Brief ->
After finding the line containing "curve 146: spline" below, please output that line and each following one through the line containing "curve 148: spline", exactly as written.

Data to process ->
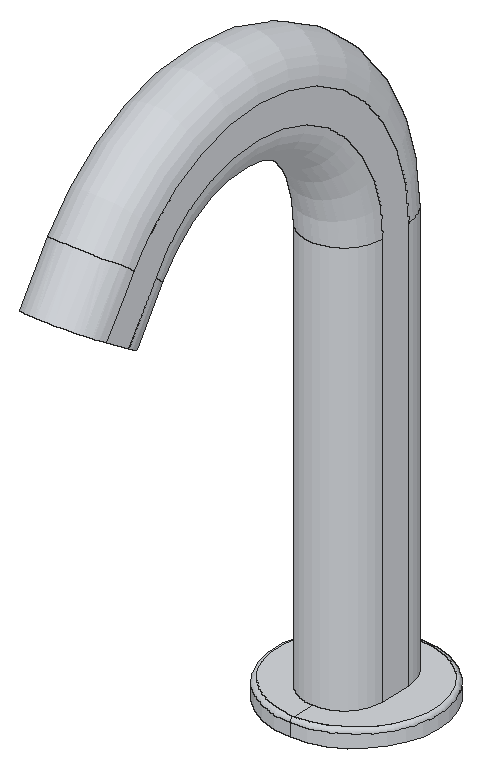
Revit family "Faucet_Touchless-Lavatory-KOHLER-Oblo-K-106B77", category Plumbing Fixtures, host Face, Revit 2021 (continued)
Definition of nested family "K-106B77"
  Lines and regions (in)
    symbolic lines, detail levels medium+fine
      curve 134: spline (0.06006, 0, 6.78673) -> (0.05598, 0, 6.78645) -> (0.05219, 0, 6.78561) -> (0.04892, 0, 6.78429) -> (0.04642, 0, 6.78256) -> (0.04485, 0, 6.78055) -> (0.04431, 0, 6.77839) -> (0.04485, 0, 6.77623) -> (0.04642, 0, 6.77421) -> (0.04892, 0, 6.77249) -> (0.05219, 0, 6.77116) -> (0.05598, 0, 6.77033) -> (0.06006, 0, 6.77004)
      curve 135: spline (0.10716, 0, 6.85257) -> (0.11123, 0, 6.85285) -> (0.11503, 0, 6.85369) -> (0.11829, 0, 6.85501) -> (0.1208, 0, 6.85674) -> (0.12237, 0, 6.85875) -> (0.12291, 0, 6.86091) -> (0.12237, 0, 6.86307) -> (0.1208, 0, 6.86509) -> (0.11829, 0, 6.86681) -> (0.11503, 0, 6.86814) -> (0.11123, 0, 6.86897) -> (0.10716, 0, 6.86926)
      curve 136: spline (0.13272, 0, 6.82911) -> (0.1368, 0, 6.82939) -> (0.14059, 0, 6.83022) -> (0.14386, 0, 6.83155) -> (0.14636, 0, 6.83328) -> (0.14793, 0, 6.83529) -> (0.14847, 0, 6.83745) -> (0.14793, 0, 6.83961) -> (0.14636, 0, 6.84162) -> (0.14386, 0, 6.84335) -> (0.14059, 0, 6.84468) -> (0.1368, 0, 6.84551) -> (0.13272, 0, 6.8458)
      curve 137: spline (0.10716, 0, 6.86926) -> (0.10308, 0, 6.86897) -> (0.09928, 0, 6.86814) -> (0.09602, 0, 6.86681) -> (0.09352, 0, 6.86509) -> (0.09195, 0, 6.86307) -> (0.09141, 0, 6.86091) -> (0.09195, 0, 6.85875) -> (0.09352, 0, 6.85674) -> (0.09602, 0, 6.85501) -> (0.09928, 0, 6.85369) -> (0.10308, 0, 6.85285) -> (0.10716, 0, 6.85257)
      curve 138: spline (0.11962, 0, 6.88598) -> (0.12369, 0, 6.88627) -> (0.12749, 0, 6.8871) -> (0.13075, 0, 6.88843) -> (0.13326, 0, 6.89016) -> (0.13483, 0, 6.89217) -> (0.13537, 0, 6.89433) -> (0.13483, 0, 6.89649) -> (0.13326, 0, 6.8985) -> (0.13075, 0, 6.90023) -> (0.12749, 0, 6.90156) -> (0.12369, 0, 6.90239) -> (0.11962, 0, 6.90267)
      curve 139: spline (0.16033, 0, 6.86027) -> (0.1644, 0, 6.86056) -> (0.1682, 0, 6.86139) -> (0.17146, 0, 6.86272) -> (0.17396, 0, 6.86445) -> (0.17554, 0, 6.86646) -> (0.17607, 0, 6.86862) -> (0.17554, 0, 6.87078) -> (0.17396, 0, 6.87279) -> (0.17146, 0, 6.87452) -> (0.1682, 0, 6.87585) -> (0.1644, 0, 6.87668) -> (0.16033, 0, 6.87696)
      curve 140: spline (0.11962, 0, 6.90267) -> (0.11554, 0, 6.90239) -> (0.11174, 0, 6.90156) -> (0.10848, 0, 6.90023) -> (0.10598, 0, 6.8985) -> (0.10441, 0, 6.89649) -> (0.10387, 0, 6.89433) -> (0.10441, 0, 6.89217) -> (0.10598, 0, 6.89016) -> (0.10848, 0, 6.88843) -> (0.11174, 0, 6.8871) -> (0.11554, 0, 6.88627) -> (0.11962, 0, 6.88598)
      curve 141: spline (0.16033, 0, 6.87696) -> (0.15625, 0, 6.87668) -> (0.15245, 0, 6.87585) -> (0.14919, 0, 6.87452) -> (0.14669, 0, 6.87279) -> (0.14511, 0, 6.87078) -> (0.14458, 0, 6.86862) -> (0.14511, 0, 6.86646) -> (0.14669, 0, 6.86445) -> (0.14919, 0, 6.86272) -> (0.15245, 0, 6.86139) -> (0.15625, 0, 6.86056) -> (0.16033, 0, 6.86027)
      curve 142: spline (0.18924, 0, 6.8302) -> (0.19332, 0, 6.83048) -> (0.19712, 0, 6.83132) -> (0.20038, 0, 6.83264) -> (0.20288, 0, 6.83437) -> (0.20445, 0, 6.83639) -> (0.20499, 0, 6.83855) -> (0.20445, 0, 6.84071) -> (0.20288, 0, 6.84272) -> (0.20038, 0, 6.84445) -> (0.19712, 0, 6.84577) -> (0.19332, 0, 6.84661) -> (0.18924, 0, 6.84689)
      curve 143: spline (0.18924, 0, 6.79706) -> (0.19332, 0, 6.79734) -> (0.19712, 0, 6.79818) -> (0.20038, 0, 6.7995) -> (0.20288, 0, 6.80123) -> (0.20445, 0, 6.80324) -> (0.20499, 0, 6.8054) -> (0.20445, 0, 6.80756) -> (0.20288, 0, 6.80958) -> (0.20038, 0, 6.8113) -> (0.19712, 0, 6.81263) -> (0.19332, 0, 6.81346) -> (0.18924, 0, 6.81375)
      curve 144: spline (0.18924, 0, 6.84689) -> (0.18517, 0, 6.84661) -> (0.18137, 0, 6.84577) -> (0.17811, 0, 6.84445) -> (0.1756, 0, 6.84272) -> (0.17403, 0, 6.84071) -> (0.17349, 0, 6.83855) -> (0.17403, 0, 6.83639) -> (0.1756, 0, 6.83437) -> (0.17811, 0, 6.83264) -> (0.18137, 0, 6.83132) -> (0.18517, 0, 6.83048) -> (0.18924, 0, 6.8302)
      curve 145: spline (0.18924, 0, 6.81375) -> (0.18517, 0, 6.81346) -> (0.18137, 0, 6.81263) -> (0.17811, 0, 6.8113) -> (0.1756, 0, 6.80958) -> (0.17403, 0, 6.80756) -> (0.17349, 0, 6.8054) -> (0.17403, 0, 6.80324) -> (0.1756, 0, 6.80123) -> (0.17811, 0, 6.7995) -> (0.18137, 0, 6.79818) -> (0.18517, 0, 6.79734) -> (0.18924, 0, 6.79706)
      curve 146: spline (0.17268, 0, 6.76431) -> (0.17676, 0, 6.76459) -> (0.18056, 0, 6.76543) -> (0.18382, 0, 6.76675) -> (0.18632, 0, 6.76848) -> (0.18789, 0, 6.77049) -> (0.18843, 0, 6.77265) -> (0.18789, 0, 6.77481) -> (0.18632, 0, 6.77683) -> (0.18382, 0, 6.77856) -> (0.18056, 0, 6.77988) -> (0.17676, 0, 6.78072) -> (0.17268, 0, 6.781)
      curve 147: spline (0.14269, 0, 6.79914) -> (0.14677, 0, 6.79943) -> (0.15056, 0, 6.80026) -> (0.15383, 0, 6.80159) -> (0.15633, 0, 6.80332) -> (0.1579, 0, 6.80533) -> (0.15844, 0, 6.80749) -> (0.1579, 0, 6.80965) -> (0.15633, 0, 6.81166) -> (0.15383, 0, 6.81339) -> (0.15056, 0, 6.81472) -> (0.14677, 0, 6.81555) -> (0.14269, 0, 6.81583)
      curve 148: spline (0.17268, 0, 6.781) -> (0.16861, 0, 6.78072) -> (0.16481, 0, 6.77988) -> (0.16155, 0, 6.77856) -> (0.15904, 0, 6.77683) -> (0.15747, 0, 6.77481) -> (0.15694, 0, 6.77265) -> (0.15747, 0, 6.77049) -> (0.15904, 0, 6.76848) -> (0.16155, 0, 6.76675) -> (0.16481, 0, 6.76543) -> (0.16861, 0, 6.76459) -> (0.17268, 0, 6.76431)
      curve 149: spline (0.14269, 0, 6.81583) -> (0.13861, 0, 6.81555) -> (0.13482, 0, 6.81472) -> (0.13155, 0, 6.81339) -> (0.12905, 0, 6.81166) -> (0.12748, 0, 6.80965) -> (0.12694, 0, 6.80749) -> (0.12748, 0, 6.80533) -> (0.12905, 0, 6.80332) -> (0.13155, 0, 6.80159) -> (0.13482, 0, 6.80026) -> (0.13861, 0, 6.79943) -> (0.14269, 0, 6.79914)
      curve 150: spline (0.1247, 0, 6.77669) -> (0.12878, 0, 6.77697) -> (0.13258, 0, 6.77781) -> (0.13584, 0, 6.77913) -> (0.13834, 0, 6.78086) -> (0.13991, 0, 6.78287) -> (0.14045, 0, 6.78503) -> (0.13991, 0, 6.78719) -> (0.13834, 0, 6.78921) -> (0.13584, 0, 6.79093) -> (0.13258, 0, 6.79226) -> (0.12878, 0, 6.79309) -> (0.1247, 0, 6.79338)
      curve 151: spline (0.13971, 0, 6.73635) -> (0.14379, 0, 6.73663) -> (0.14758, 0, 6.73746) -> (0.15084, 0, 6.73879) -> (0.15335, 0, 6.74052) -> (0.15492, 0, 6.74253) -> (0.15546, 0, 6.74469) -> (0.15492, 0, 6.74685) -> (0.15335, 0, 6.74886) -> (0.15084, 0, 6.75059) -> (0.14758, 0, 6.75192) -> (0.14379, 0, 6.75275) -> (0.13971, 0, 6.75304)
      curve 152: spline (0.1247, 0, 6.79338) -> (0.12063, 0, 6.79309) -> (0.11683, 0, 6.79226) -> (0.11357, 0, 6.79093) -> (0.11106, 0, 6.78921) -> (0.10949, 0, 6.78719) -> (0.10895, 0, 6.78503) -> (0.10949, 0, 6.78287) -> (0.11106, 0, 6.78086) -> (0.11357, 0, 6.77913) -> (0.11683, 0, 6.77781) -> (0.12063, 0, 6.77697) -> (0.1247, 0, 6.77669)
      curve 153: spline (0.13971, 0, 6.75304) -> (0.13563, 0, 6.75275) -> (0.13184, 0, 6.75192) -> (0.12857, 0, 6.75059) -> (0.12607, 0, 6.74886) -> (0.1245, 0, 6.74685) -> (0.12396, 0, 6.74469) -> (0.1245, 0, 6.74253) -> (0.12607, 0, 6.74052) -> (0.12857, 0, 6.73879) -> (0.13184, 0, 6.73746) -> (0.13563, 0, 6.73663) -> (0.13971, 0, 6.73635)
      curve 154: spline (0.09365, 0, 6.75319) -> (0.09773, 0, 6.75348) -> (0.10153, 0, 6.75431) -> (0.10479, 0, 6.75564) -> (0.10729, 0, 6.75736) -> (0.10887, 0, 6.75938) -> (0.1094, 0, 6.76154) -> (0.10887, 0, 6.7637) -> (0.10729, 0, 6.76571) -> (0.10479, 0, 6.76744) -> (0.10153, 0, 6.76876) -> (0.09773, 0, 6.7696) -> (0.09365, 0, 6.76988)
      curve 155: spline (0.09355, 0, 6.71582) -> (0.09762, 0, 6.7161) -> (0.10142, 0, 6.71694) -> (0.10468, 0, 6.71826) -> (0.10719, 0, 6.71999) -> (0.10876, 0, 6.72201) -> (0.1093, 0, 6.72417) -> (0.10876, 0, 6.72633) -> (0.10719, 0, 6.72834) -> (0.10468, 0, 6.73007) -> (0.10142, 0, 6.73139) -> (0.09762, 0, 6.73223) -> (0.09355, 0, 6.73251)
      curve 156: spline (0.06939, 0, 6.73419) -> (0.07347, 0, 6.73448) -> (0.07727, 0, 6.73531) -> (0.08053, 0, 6.73664) -> (0.08303, 0, 6.73837) -> (0.0846, 0, 6.74038) -> (0.08514, 0, 6.74254) -> (0.0846, 0, 6.7447) -> (0.08303, 0, 6.74671) -> (0.08053, 0, 6.74844) -> (0.07727, 0, 6.74977) -> (0.07347, 0, 6.7506) -> (0.06939, 0, 6.75088)
      curve 157: spline (0.09365, 0, 6.76988) -> (0.08958, 0, 6.7696) -> (0.08578, 0, 6.76876) -> (0.08252, 0, 6.76744) -> (0.08002, 0, 6.76571) -> (0.07844, 0, 6.7637) -> (0.07791, 0, 6.76154) -> (0.07844, 0, 6.75938) -> (0.08002, 0, 6.75736) -> (0.08252, 0, 6.75564) -> (0.08578, 0, 6.75431) -> (0.08958, 0, 6.75348) -> (0.09365, 0, 6.75319)
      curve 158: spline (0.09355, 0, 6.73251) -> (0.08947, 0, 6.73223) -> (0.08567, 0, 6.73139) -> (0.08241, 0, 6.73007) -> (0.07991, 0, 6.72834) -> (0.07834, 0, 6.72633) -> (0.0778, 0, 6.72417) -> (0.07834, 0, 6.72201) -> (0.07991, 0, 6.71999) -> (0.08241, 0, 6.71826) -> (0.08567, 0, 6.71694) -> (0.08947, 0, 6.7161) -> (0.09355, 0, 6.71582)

Exercise response ->
      curve 146: spline (0.17268, 0, 6.76431) -> (0.17676, 0, 6.76459) -> (0.18056, 0, 6.76543) -> (0.18382, 0, 6.76675) -> (0.18632, 0, 6.76848) -> (0.18789, 0, 6.77049) -> (0.18843, 0, 6.77265) -> (0.18789, 0, 6.77481) -> (0.18632, 0, 6.77683) -> (0.18382, 0, 6.77856) -> (0.18056, 0, 6.77988) -> (0.17676, 0, 6.78072) -> (0.17268, 0, 6.781)
      curve 147: spline (0.14269, 0, 6.79914) -> (0.14677, 0, 6.79943) -> (0.15056, 0, 6.80026) -> (0.15383, 0, 6.80159) -> (0.15633, 0, 6.80332) -> (0.1579, 0, 6.80533) -> (0.15844, 0, 6.80749) -> (0.1579, 0, 6.80965) -> (0.15633, 0, 6.81166) -> (0.15383, 0, 6.81339) -> (0.15056, 0, 6.81472) -> (0.14677, 0, 6.81555) -> (0.14269, 0, 6.81583)
      curve 148: spline (0.17268, 0, 6.781) -> (0.16861, 0, 6.78072) -> (0.16481, 0, 6.77988) -> (0.16155, 0, 6.77856) -> (0.15904, 0, 6.77683) -> (0.15747, 0, 6.77481) -> (0.15694, 0, 6.77265) -> (0.15747, 0, 6.77049) -> (0.15904, 0, 6.76848) -> (0.16155, 0, 6.76675) -> (0.16481, 0, 6.76543) -> (0.16861, 0, 6.76459) -> (0.17268, 0, 6.76431)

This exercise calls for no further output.